La reiteración de alertas de tornado y de ciclones que nunca ocurren nos aleja de la ciencia y nos acerca a la parábola del pastorcito mentiroso. Mike Davison, hoy director de los Centros de Predicción del Tiempo de los Estados Unidos, a quien conocí cuando era un prestigioso investigador y yo era docente de Modelos de Simulación del clima en la UBA, me dijo una vez que en su país “nadie ponía atención a los alertas tempranos de tornados”, ante mi asombro me aclaró: “Sucede que por regla general la población tiene asegurados sus bienes y sus casas contra estos fenómenos, y todos tienen algún refugio cercano o en el sótano de su casa, así que continúan con sus tareas habituales hasta que la nube de tornados se visualiza a la distancia, o la pantalla de la TV se vuelve blanca (síntoma de inminente tornado), entonces tranquilamente apagan todo y se juntan en el refugio”. Nosotros en la Argentina queremos contar con un alerta temprana, que lo manejen personas no debidamente formadas en Ciencias de la Atmósfera y sin contar con refugios.

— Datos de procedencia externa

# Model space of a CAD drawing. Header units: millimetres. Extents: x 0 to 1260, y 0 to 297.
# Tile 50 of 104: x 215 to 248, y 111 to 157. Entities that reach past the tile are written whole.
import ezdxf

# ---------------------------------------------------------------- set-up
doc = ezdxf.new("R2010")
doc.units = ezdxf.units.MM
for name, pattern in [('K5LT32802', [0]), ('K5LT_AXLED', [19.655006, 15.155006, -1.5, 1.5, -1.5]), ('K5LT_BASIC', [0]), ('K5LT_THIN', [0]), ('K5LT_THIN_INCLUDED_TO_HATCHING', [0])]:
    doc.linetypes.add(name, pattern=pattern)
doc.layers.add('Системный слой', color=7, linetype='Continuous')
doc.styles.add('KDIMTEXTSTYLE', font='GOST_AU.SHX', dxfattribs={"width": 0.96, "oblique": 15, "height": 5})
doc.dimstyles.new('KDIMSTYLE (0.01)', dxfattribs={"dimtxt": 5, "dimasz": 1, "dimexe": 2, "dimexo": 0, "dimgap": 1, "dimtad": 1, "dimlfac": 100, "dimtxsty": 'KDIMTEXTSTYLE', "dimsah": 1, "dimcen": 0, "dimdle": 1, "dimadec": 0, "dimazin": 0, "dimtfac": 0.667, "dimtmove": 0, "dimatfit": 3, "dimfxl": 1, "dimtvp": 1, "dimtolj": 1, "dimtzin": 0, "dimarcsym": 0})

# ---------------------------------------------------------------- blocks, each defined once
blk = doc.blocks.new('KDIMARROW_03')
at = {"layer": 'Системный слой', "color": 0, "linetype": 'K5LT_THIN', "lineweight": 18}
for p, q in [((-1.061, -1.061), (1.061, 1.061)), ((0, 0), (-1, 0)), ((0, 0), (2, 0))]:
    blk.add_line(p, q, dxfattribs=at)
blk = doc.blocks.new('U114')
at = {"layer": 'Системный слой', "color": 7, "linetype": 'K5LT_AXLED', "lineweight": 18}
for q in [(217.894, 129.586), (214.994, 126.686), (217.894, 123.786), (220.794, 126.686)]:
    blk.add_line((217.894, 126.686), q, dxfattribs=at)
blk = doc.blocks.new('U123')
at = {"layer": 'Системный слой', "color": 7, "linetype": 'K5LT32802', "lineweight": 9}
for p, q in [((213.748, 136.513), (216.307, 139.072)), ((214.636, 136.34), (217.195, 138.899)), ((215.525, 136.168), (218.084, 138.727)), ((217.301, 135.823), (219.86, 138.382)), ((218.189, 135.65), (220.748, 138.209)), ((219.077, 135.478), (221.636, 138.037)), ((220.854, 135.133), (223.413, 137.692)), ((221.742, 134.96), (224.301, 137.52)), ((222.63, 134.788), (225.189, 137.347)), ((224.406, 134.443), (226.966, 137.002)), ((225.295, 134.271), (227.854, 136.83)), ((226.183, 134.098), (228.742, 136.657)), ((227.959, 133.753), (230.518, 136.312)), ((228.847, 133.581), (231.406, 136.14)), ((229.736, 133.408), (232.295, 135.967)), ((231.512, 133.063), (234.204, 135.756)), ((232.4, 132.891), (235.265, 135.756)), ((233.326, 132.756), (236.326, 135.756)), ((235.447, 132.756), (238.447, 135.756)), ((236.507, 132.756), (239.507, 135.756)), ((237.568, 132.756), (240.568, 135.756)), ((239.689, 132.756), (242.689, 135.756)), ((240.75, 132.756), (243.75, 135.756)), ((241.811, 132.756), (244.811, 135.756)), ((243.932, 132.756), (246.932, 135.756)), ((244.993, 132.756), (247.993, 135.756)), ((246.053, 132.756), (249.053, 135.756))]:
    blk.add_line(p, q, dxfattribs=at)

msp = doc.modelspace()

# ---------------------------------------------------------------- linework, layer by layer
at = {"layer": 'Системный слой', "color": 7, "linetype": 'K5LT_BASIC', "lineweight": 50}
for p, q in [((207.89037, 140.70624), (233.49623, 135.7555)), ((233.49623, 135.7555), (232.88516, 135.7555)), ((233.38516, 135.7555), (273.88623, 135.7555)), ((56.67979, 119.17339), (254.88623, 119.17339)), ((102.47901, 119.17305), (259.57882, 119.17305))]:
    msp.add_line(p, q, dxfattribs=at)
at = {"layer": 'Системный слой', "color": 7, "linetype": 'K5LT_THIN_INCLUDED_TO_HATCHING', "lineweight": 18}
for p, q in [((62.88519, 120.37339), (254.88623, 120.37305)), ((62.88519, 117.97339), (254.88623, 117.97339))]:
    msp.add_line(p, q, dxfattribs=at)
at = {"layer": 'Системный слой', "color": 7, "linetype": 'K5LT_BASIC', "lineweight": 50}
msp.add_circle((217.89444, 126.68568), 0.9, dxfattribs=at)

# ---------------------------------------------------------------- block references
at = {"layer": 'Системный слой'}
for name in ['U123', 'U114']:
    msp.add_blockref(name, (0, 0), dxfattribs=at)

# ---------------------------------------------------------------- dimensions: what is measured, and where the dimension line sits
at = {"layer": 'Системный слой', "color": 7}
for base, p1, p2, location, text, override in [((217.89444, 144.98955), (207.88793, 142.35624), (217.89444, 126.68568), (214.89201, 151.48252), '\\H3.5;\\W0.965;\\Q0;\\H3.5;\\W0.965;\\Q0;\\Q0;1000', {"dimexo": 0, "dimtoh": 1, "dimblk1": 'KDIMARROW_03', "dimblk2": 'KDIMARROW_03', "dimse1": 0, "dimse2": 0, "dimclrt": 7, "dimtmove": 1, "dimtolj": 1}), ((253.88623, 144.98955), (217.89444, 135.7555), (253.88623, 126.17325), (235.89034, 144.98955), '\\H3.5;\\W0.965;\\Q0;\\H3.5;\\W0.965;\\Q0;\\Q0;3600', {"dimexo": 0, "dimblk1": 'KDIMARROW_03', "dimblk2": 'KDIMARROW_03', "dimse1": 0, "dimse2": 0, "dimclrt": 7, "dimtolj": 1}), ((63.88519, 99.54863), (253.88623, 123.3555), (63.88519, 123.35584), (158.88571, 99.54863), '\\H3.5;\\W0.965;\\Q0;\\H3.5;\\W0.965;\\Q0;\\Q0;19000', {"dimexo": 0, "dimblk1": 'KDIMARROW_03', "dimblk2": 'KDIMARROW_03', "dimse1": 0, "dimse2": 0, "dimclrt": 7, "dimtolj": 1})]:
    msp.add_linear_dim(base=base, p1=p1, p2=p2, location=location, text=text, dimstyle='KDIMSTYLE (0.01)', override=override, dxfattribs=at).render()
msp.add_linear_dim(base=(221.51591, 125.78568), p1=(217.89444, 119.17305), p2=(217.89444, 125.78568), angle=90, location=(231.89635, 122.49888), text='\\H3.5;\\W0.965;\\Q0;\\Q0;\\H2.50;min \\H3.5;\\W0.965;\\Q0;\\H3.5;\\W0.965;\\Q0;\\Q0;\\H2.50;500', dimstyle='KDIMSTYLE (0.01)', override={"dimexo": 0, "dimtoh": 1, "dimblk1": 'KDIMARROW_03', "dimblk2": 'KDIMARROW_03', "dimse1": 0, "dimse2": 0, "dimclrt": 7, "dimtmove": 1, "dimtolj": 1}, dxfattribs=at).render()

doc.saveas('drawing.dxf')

Siempre terminamos poniendo el carro delante del caballo.

Lenta mejora con refrescada
Mientras un viejo y débil frente de onda larga se mantuvo oscilando sobre Misiones durante el reciente fin de semana, con lluvias débiles y aisladas el sábado y lloviznas ayer, un frente polar se aproximó por el SE a nuestra provincia con su carga de aire frío totalmente volcada sobre la costa atlántica.
Por detrás de estos elementos, un sistema de altas presiones ha estabilizado parcialmente las condiciones en el centro del país y habrá de iniciar una lenta mejora en Misiones, acompañada de un gradual descenso térmico.
Todavía tendremos un par de días nubosos e inestables más: hoy con lluvias vespertinas que irán disminuyendo hacia la noche, y mañana con lluvias débiles y lloviznas que finalizarán para el mediodía. Sólo se esperan entre 5 y 15 mm. más en la provincia.

Heladas el miércoles y el jueves
El martes a la tarde los vientos estarán en calma y con cielo parcialmente soleado. El descenso térmico se acelerará alcanzando marcas de un dígito para la medianoche. Y el miércoles amanecerá con 4º de mínima en la provincia, permitiendo la formación de heladas a nivel del suelo y bajo las plantas.
Las temperaturas máximas del miércoles sólo alcanzarán 17 y 18º para descender a 5 y 6º para la madrugada del jueves. Sólo en lo alto de las serranías pueden repetirse algunas heladas el jueves.
Luego el viento rotará al Este el jueves a la tarde, y tendremos cielos a pleno sol en toda la provincia, elevando las máximas a 21 y 22º, y así el último frío de este año se despedirá para comenzar a recibir una primavera que se espera más calurosa que lo normal.

Vuelve el calor el finde
El viernes el viento rotará al NE y seguirá soleado, la jornada comenzará con 9 y 10º de mínima, sin posibilidades de heladas, y alcanzará 25 y 26º de máxima a la tarde. Y el sábado, volveremos a alcanzar 30 y 31º de máxima en la provincia. La semana del 11 al 17 se perfila como lluviosa con totales entre 15 y 45 mm. en Misiones.